[Start of section]

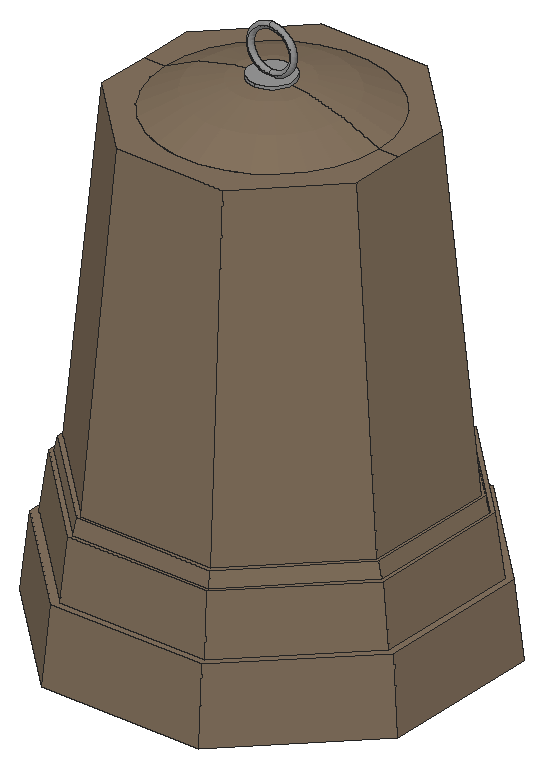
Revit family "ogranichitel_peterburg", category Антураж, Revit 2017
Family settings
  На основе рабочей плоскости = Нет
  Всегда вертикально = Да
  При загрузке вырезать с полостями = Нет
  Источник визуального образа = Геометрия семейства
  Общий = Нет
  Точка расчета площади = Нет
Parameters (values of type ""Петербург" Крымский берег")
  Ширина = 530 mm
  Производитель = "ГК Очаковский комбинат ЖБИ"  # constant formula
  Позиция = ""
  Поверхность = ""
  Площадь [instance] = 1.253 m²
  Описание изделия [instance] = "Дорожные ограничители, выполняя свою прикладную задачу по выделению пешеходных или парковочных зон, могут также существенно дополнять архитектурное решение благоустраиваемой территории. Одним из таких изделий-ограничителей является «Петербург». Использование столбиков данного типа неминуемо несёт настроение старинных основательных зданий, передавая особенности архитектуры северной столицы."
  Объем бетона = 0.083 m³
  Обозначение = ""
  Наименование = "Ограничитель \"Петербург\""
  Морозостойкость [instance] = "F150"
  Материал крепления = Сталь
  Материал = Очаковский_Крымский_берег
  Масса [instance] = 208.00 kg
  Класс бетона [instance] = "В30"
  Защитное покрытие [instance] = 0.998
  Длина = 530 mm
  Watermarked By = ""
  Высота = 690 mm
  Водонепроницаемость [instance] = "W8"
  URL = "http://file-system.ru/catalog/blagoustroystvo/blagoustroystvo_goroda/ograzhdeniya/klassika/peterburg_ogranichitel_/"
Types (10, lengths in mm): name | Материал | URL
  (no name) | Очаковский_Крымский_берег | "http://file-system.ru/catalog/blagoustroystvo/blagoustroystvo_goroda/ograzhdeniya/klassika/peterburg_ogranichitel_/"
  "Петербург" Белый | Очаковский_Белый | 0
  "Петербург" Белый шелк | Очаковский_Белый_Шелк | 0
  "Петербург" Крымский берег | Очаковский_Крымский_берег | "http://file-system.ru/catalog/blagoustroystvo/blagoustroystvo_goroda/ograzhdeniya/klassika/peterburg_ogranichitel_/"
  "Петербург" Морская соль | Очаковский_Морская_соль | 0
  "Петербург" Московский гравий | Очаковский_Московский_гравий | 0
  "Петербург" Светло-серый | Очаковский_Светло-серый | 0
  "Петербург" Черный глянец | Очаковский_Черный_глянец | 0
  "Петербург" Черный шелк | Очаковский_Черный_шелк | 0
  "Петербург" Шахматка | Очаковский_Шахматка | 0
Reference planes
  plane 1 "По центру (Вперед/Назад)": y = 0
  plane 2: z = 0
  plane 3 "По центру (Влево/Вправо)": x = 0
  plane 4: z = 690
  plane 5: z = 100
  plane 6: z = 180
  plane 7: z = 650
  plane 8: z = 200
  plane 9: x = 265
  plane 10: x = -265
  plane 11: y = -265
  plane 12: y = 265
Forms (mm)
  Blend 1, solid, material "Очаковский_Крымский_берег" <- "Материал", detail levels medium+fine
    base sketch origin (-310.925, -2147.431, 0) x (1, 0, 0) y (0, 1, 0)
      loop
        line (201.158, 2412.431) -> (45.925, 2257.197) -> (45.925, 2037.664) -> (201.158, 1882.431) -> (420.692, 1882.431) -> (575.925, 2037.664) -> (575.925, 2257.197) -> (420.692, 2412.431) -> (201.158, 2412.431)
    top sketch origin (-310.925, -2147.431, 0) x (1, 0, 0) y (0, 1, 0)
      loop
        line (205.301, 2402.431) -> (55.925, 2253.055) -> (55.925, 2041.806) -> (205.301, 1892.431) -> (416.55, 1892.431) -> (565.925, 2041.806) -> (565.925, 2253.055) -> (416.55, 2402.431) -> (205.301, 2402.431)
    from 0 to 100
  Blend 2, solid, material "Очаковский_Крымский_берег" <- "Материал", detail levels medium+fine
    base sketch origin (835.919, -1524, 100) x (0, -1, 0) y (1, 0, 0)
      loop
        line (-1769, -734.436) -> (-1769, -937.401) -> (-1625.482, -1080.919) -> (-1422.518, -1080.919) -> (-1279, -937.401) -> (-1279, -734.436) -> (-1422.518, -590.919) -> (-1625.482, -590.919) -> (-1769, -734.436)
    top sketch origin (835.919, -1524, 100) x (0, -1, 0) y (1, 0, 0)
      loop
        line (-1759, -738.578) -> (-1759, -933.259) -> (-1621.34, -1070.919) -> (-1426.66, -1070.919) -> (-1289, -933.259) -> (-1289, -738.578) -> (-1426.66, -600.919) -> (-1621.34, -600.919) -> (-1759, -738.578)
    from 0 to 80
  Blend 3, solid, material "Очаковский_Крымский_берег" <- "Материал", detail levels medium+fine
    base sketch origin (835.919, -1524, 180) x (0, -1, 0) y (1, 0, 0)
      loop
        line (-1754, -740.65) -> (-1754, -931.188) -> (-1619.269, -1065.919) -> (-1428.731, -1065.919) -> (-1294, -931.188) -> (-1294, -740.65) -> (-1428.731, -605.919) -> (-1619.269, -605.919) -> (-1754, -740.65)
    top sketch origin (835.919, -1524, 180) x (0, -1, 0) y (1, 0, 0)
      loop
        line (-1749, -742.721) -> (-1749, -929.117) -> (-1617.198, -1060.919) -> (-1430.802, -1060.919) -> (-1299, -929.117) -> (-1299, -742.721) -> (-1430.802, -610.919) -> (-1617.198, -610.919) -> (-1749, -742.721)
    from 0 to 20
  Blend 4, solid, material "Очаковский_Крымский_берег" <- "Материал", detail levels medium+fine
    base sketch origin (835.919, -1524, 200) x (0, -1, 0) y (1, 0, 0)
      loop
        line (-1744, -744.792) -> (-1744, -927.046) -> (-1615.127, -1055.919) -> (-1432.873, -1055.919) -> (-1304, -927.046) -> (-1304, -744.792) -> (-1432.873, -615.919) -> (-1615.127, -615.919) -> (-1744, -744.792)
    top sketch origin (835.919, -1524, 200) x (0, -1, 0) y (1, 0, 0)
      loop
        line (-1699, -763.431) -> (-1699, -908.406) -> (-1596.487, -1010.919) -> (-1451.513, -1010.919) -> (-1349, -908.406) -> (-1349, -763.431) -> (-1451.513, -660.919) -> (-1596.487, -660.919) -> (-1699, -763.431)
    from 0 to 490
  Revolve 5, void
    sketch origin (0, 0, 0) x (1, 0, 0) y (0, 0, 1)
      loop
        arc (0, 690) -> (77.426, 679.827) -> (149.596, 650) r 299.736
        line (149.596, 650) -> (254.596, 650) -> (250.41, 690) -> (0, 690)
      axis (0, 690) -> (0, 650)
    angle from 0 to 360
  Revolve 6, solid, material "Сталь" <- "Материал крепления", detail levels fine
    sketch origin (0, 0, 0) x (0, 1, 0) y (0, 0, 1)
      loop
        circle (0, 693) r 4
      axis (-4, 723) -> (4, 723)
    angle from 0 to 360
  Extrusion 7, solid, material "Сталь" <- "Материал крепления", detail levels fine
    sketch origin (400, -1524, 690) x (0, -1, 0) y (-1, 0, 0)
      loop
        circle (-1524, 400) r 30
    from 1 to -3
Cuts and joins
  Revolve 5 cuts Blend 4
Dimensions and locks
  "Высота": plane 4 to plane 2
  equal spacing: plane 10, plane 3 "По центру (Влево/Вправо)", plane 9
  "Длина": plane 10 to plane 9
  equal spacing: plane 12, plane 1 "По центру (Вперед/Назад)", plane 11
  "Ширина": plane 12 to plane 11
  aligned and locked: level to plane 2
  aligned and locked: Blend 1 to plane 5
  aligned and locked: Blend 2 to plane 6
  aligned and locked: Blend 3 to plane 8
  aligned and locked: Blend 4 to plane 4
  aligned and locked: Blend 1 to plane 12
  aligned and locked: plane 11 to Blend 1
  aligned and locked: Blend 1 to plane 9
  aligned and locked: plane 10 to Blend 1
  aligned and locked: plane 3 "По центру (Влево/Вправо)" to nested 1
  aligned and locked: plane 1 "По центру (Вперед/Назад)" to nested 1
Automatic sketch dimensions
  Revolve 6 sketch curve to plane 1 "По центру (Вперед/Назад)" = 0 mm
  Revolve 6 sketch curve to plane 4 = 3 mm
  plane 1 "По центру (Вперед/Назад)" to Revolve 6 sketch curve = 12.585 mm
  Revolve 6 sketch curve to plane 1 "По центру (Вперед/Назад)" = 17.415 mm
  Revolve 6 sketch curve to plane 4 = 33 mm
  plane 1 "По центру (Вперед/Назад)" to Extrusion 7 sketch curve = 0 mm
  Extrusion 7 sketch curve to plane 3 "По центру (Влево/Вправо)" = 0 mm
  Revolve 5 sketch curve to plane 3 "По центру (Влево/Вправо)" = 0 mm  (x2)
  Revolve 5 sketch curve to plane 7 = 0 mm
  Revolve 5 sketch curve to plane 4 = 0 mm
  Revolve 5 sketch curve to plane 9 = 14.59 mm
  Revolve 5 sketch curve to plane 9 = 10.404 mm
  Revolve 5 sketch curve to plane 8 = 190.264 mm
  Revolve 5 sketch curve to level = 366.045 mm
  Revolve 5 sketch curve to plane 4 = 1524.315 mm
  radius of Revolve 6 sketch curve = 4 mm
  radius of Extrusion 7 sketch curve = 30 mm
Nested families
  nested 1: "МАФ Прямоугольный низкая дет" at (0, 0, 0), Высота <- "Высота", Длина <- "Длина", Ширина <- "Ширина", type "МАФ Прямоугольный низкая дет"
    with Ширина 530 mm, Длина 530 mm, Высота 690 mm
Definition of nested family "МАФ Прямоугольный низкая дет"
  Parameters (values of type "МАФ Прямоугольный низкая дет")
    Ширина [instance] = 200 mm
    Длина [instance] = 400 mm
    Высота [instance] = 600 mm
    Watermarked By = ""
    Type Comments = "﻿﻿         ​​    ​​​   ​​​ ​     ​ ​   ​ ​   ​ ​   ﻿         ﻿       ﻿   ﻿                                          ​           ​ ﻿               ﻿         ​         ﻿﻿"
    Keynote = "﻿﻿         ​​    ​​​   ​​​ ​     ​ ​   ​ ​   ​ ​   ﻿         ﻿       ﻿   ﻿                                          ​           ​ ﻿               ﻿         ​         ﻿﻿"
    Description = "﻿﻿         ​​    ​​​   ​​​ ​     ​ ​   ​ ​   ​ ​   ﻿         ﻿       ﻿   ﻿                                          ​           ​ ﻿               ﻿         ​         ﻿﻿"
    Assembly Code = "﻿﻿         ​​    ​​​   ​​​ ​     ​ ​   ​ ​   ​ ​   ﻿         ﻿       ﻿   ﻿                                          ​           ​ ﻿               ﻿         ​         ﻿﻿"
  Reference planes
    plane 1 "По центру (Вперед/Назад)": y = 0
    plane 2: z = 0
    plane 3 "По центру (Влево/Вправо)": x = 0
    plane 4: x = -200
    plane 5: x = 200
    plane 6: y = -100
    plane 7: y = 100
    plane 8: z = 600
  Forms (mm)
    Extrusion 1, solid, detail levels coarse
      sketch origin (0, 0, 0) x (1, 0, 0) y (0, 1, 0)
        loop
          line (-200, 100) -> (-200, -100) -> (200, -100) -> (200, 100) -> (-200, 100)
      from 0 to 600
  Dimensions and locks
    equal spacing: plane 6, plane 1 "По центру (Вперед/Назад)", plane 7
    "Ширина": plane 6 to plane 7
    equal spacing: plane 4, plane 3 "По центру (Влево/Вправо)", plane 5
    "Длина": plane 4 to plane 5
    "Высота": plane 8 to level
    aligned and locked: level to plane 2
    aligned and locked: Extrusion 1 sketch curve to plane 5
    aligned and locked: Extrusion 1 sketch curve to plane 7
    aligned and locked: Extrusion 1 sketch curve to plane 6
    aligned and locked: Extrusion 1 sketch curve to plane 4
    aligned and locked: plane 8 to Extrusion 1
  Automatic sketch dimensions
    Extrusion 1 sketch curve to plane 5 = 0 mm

[End of section]

● **PROBLEM DETAILS**: If a line in the data above includes the string "medium", copy it.

● **TASK RESPONSE**:
  Blend 1, solid, material "Очаковский_Крымский_берег" <- "Материал", detail levels medium+fine
  Blend 2, solid, material "Очаковский_Крымский_берег" <- "Материал", detail levels medium+fine
  Blend 3, solid, material "Очаковский_Крымский_берег" <- "Материал", detail levels medium+fine
  Blend 4, solid, material "Очаковский_Крымский_берег" <- "Материал", detail levels medium+fine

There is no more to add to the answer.